关 键 词:卵巢肿瘤  肿瘤蛋白质类  转染
修稿时间:2006-12-28

Inhibitory effect of breast cancer metastasis suppressor l gene on metastasis of human ovarian cancer cell in vitro and in vivo
Jiang J,Xia M,Feng JB,Kong BH.Inhibitory effect of breast cancer metastasis suppressor l gene on metastasis of human ovarian cancer cell in vitro and in vivo[J].Chinese Journal of Obstetrics and Gynecology,2007,42(6):398-402.

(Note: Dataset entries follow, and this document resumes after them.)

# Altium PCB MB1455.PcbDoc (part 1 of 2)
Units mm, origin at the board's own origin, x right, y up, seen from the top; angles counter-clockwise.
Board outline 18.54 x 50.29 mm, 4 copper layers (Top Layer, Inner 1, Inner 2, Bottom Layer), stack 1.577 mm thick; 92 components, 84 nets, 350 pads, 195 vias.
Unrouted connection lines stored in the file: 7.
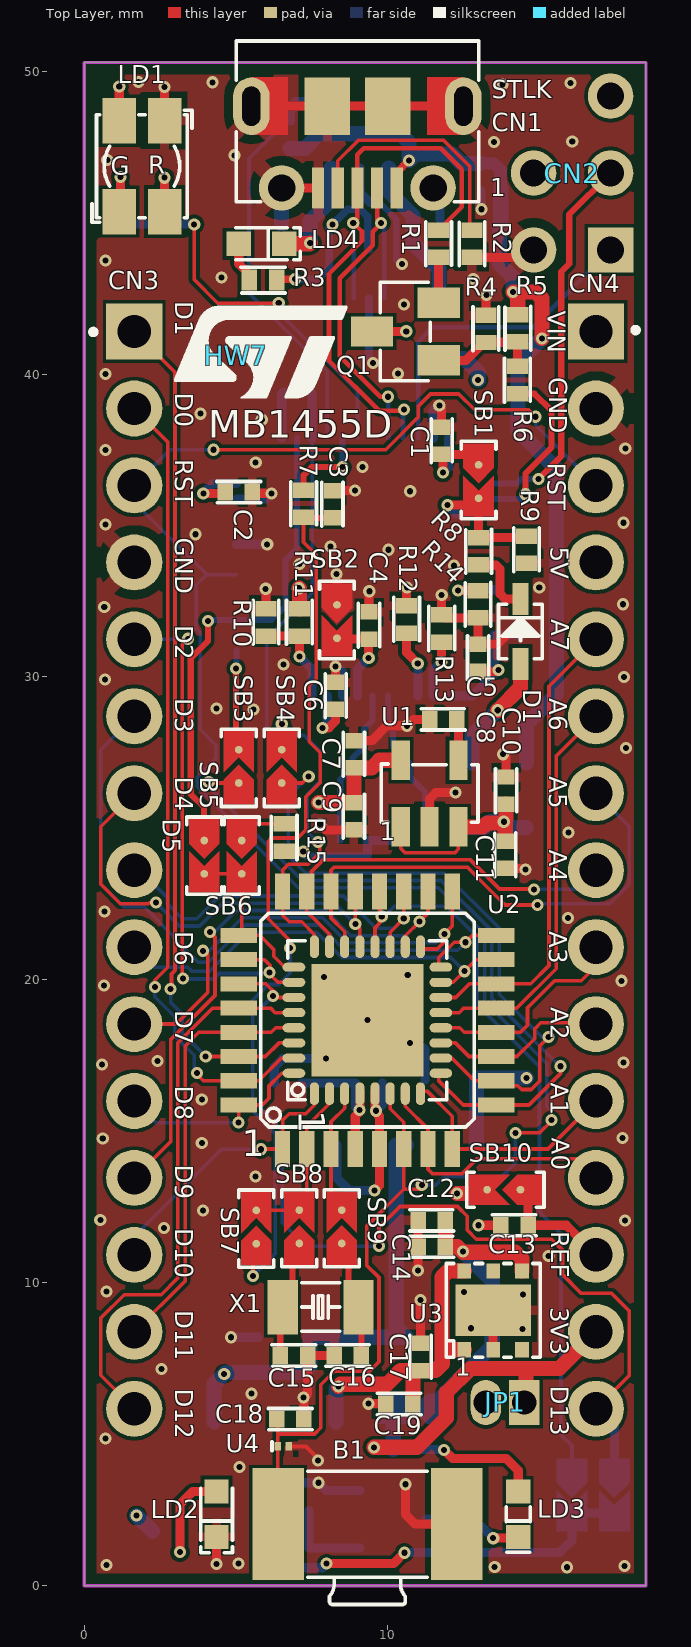
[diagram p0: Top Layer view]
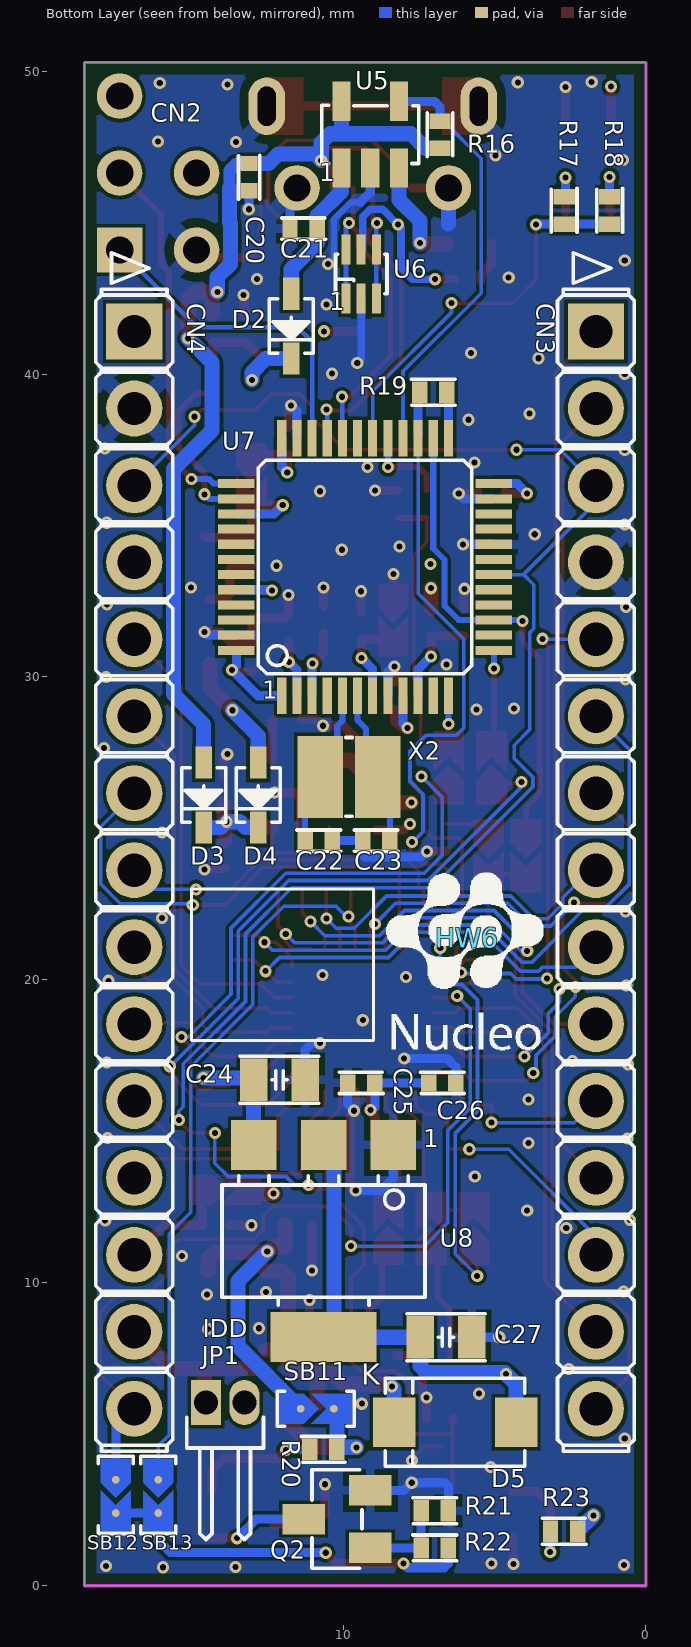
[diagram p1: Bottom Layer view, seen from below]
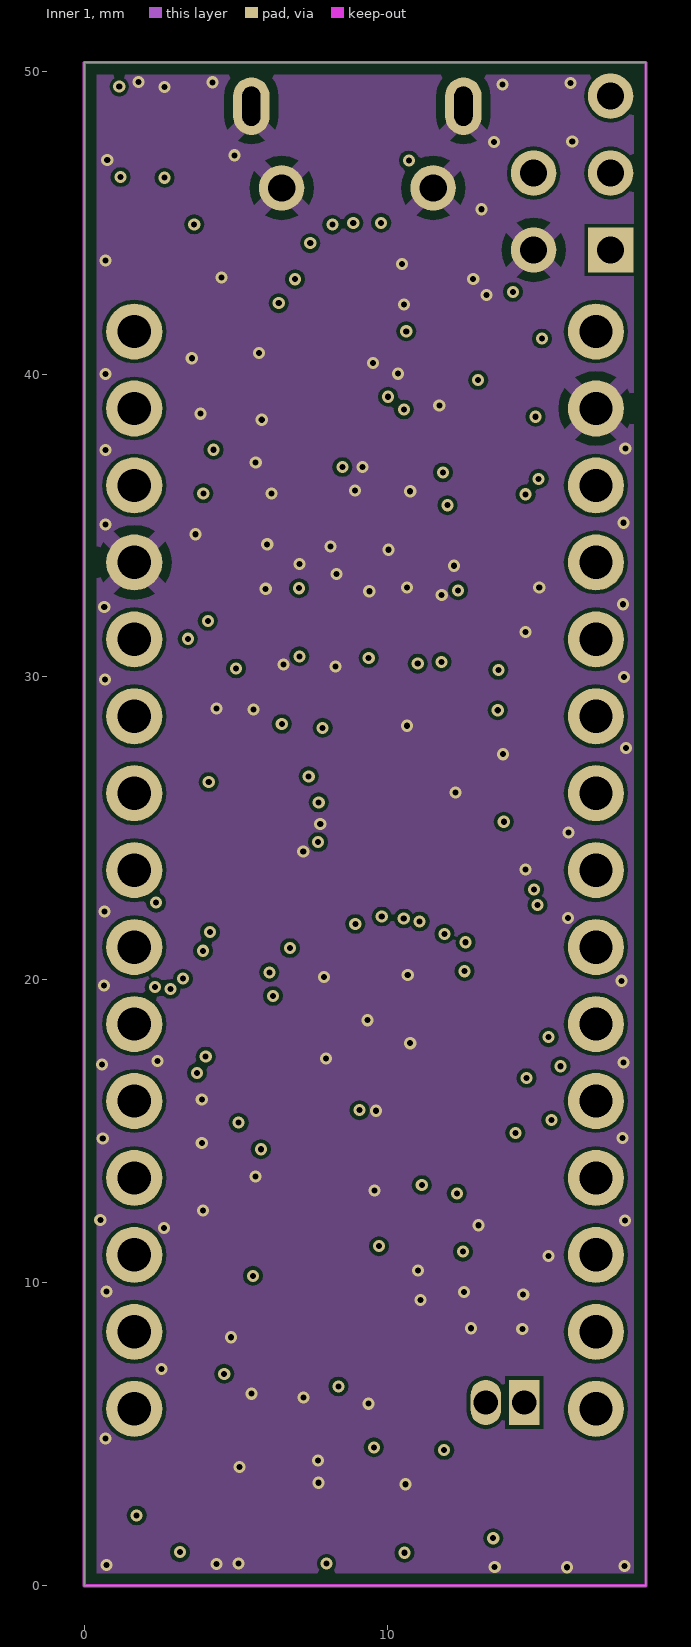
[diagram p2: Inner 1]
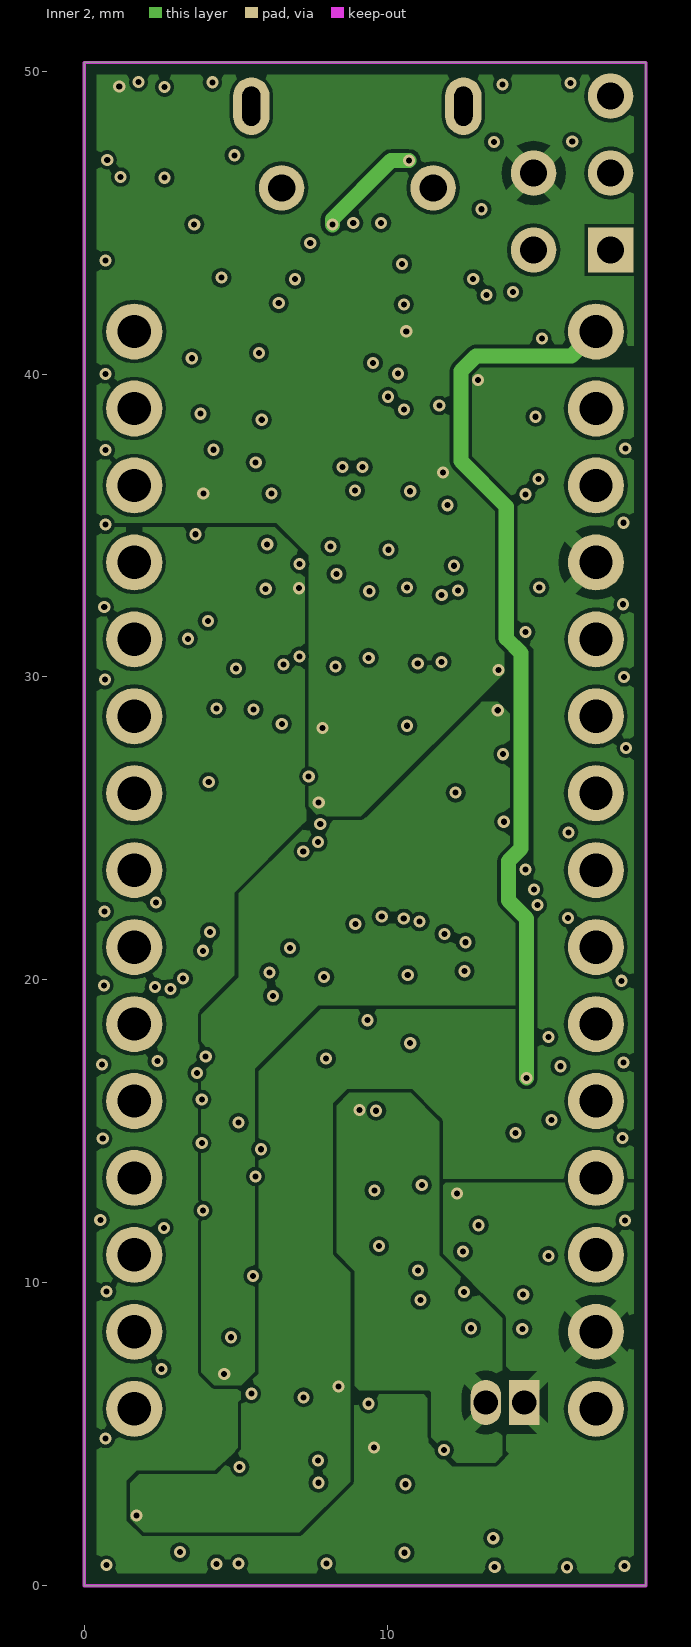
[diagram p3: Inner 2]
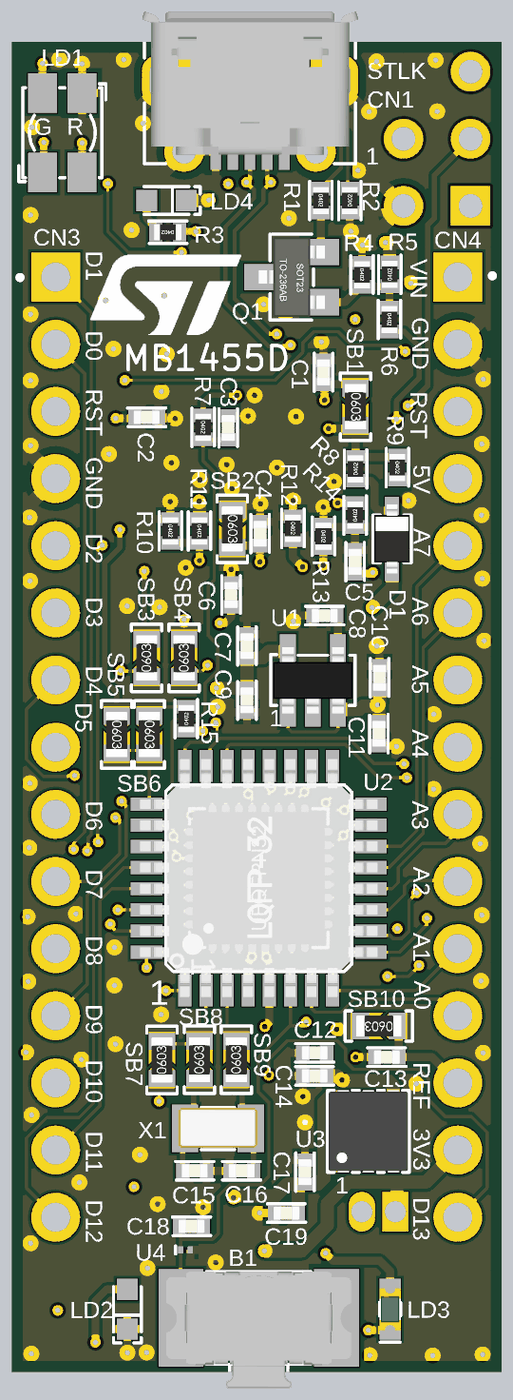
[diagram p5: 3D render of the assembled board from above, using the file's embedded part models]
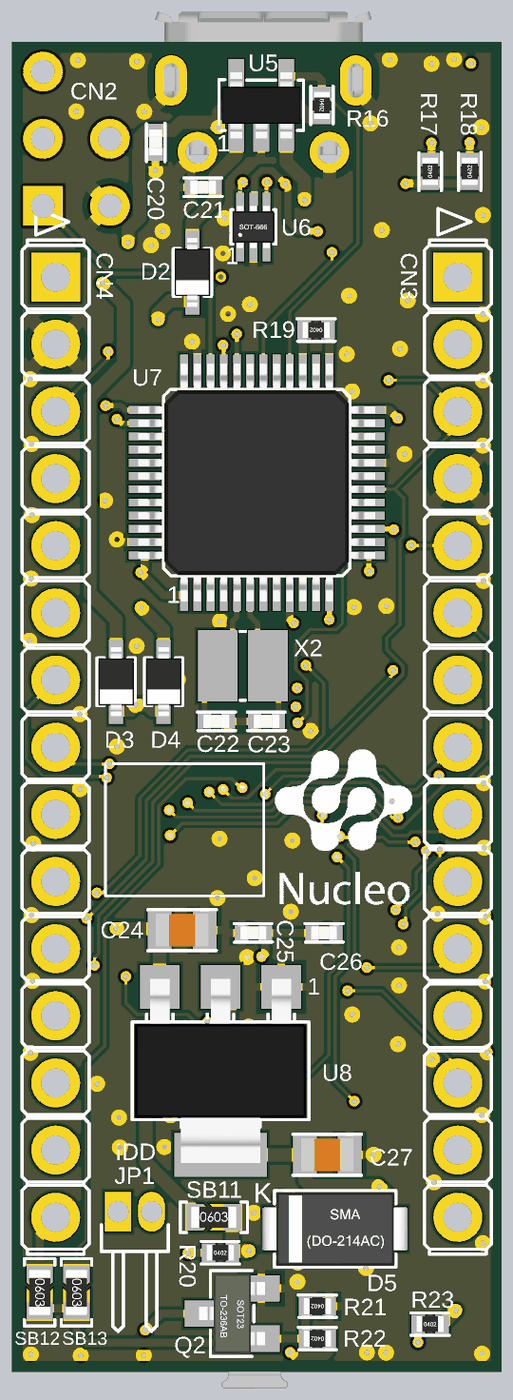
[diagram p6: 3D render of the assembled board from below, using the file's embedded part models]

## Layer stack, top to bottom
Top Solder: solder mask 0.015, Solder Resist, Dk 3.5
Top Layer: signal copper 0.035
Dielectric 1: core 0.254, FR-4, Dk 4.2
Inner 1: signal copper 0.036
Dielectric 3: prepreg 0.927, Dk 4.2
Inner 2: signal copper 0.036
Dielectric 2: core 0.254, Dk 4.2
Bottom Layer: signal copper 0.035
Bottom Solder: solder mask 0.015, Solder Resist, Dk 3.5

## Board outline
0,0 18.542,0 18.542,50.292 0,50.292

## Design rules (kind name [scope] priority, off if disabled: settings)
BoardOutlineClearance [OnLayer('Top Layer') or OnLayer('Bottom Layer') or OnLayer('Inner 1') or OnLayer('Inner 2')] p1: gap=0.4 ignorepadtopadclearanceinfootprint=FALSE
Clearance [All] p1: gap=0.12 ignorepadtopadclearanceinfootprint=FALSE
ComponentClearance [All] p1: gap=0.2 collisioncheckmode=3 verticalgap=0.2 showdistances=FALSE
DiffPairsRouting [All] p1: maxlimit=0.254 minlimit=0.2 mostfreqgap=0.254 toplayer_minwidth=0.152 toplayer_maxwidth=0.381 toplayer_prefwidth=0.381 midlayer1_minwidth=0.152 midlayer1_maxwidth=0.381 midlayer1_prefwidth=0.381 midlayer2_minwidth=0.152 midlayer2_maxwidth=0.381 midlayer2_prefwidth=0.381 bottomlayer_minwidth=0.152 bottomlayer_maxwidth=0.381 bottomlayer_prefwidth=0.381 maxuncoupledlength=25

Authors:Jiang Jie  Xia Min  Feng Jin-Bo  Kong Bei-Hua
Institution:Department of Obstetrics and Gynecology, Qilu Hospital of Shandong University, Jinan 250012, China
Abstract:OBJECTIVE: To study the inhibition effects of breast cancer metastasis suppressor l (BRMS1) gene on metastasis of human ovarian cancer cell in vivo and in vitro. METHODS: BRMS1 gene was transfected into human ovarian cancer cell line A2780 by liposome transfection method. The cells were divided into 3 groups: transfected group with pcDNA3-BRMS1, negative control group with empty plasmid pcDNA3, blank control group without any transfection. Proliferation, apoptosis, growth rate, capability of colony formation, gap junctional intercellular communication (GJIC), capability of adhesion, changes of surface and internal structures of cells were observed in vitro. The cells were injected into athymic mice to establish animal tumor models, and inhibition of the tumorigenicity and metastasis were observed in vivo. RESULTS: BRMS1 gene was transfected into A2780 cell line successfully. There were no significant differences in the growth rate among transfected group, negative control group and blank control group (P > 0.05). The amounts of cell clones per well were 40 +/- 4 in transfected group, 42 +/- 7 in blank control group and 39 +/- 4 in negative control group (P > 0.05 between each two groups). The ratios of S vs G(2)/M and G(0)/G(1) were not significantly different in three groups (P > 0.05). The ultramicrostructure of cells detected by electron microscope showed that GJIC function in transfected group was higher than that in the other two groups. While in migration assay, the numbers of cells in lower chamber passing through the membrane in transfected group, blank control group and negative control group were 112 +/- 23, 306 +/- 49 and 322 +/- 91, respectively; with significant differences among 3 groups (P < 0.01). CONCLUSION: BRMS1 gene could suppress metastasis of ovarian cancer in vitro and in vivo.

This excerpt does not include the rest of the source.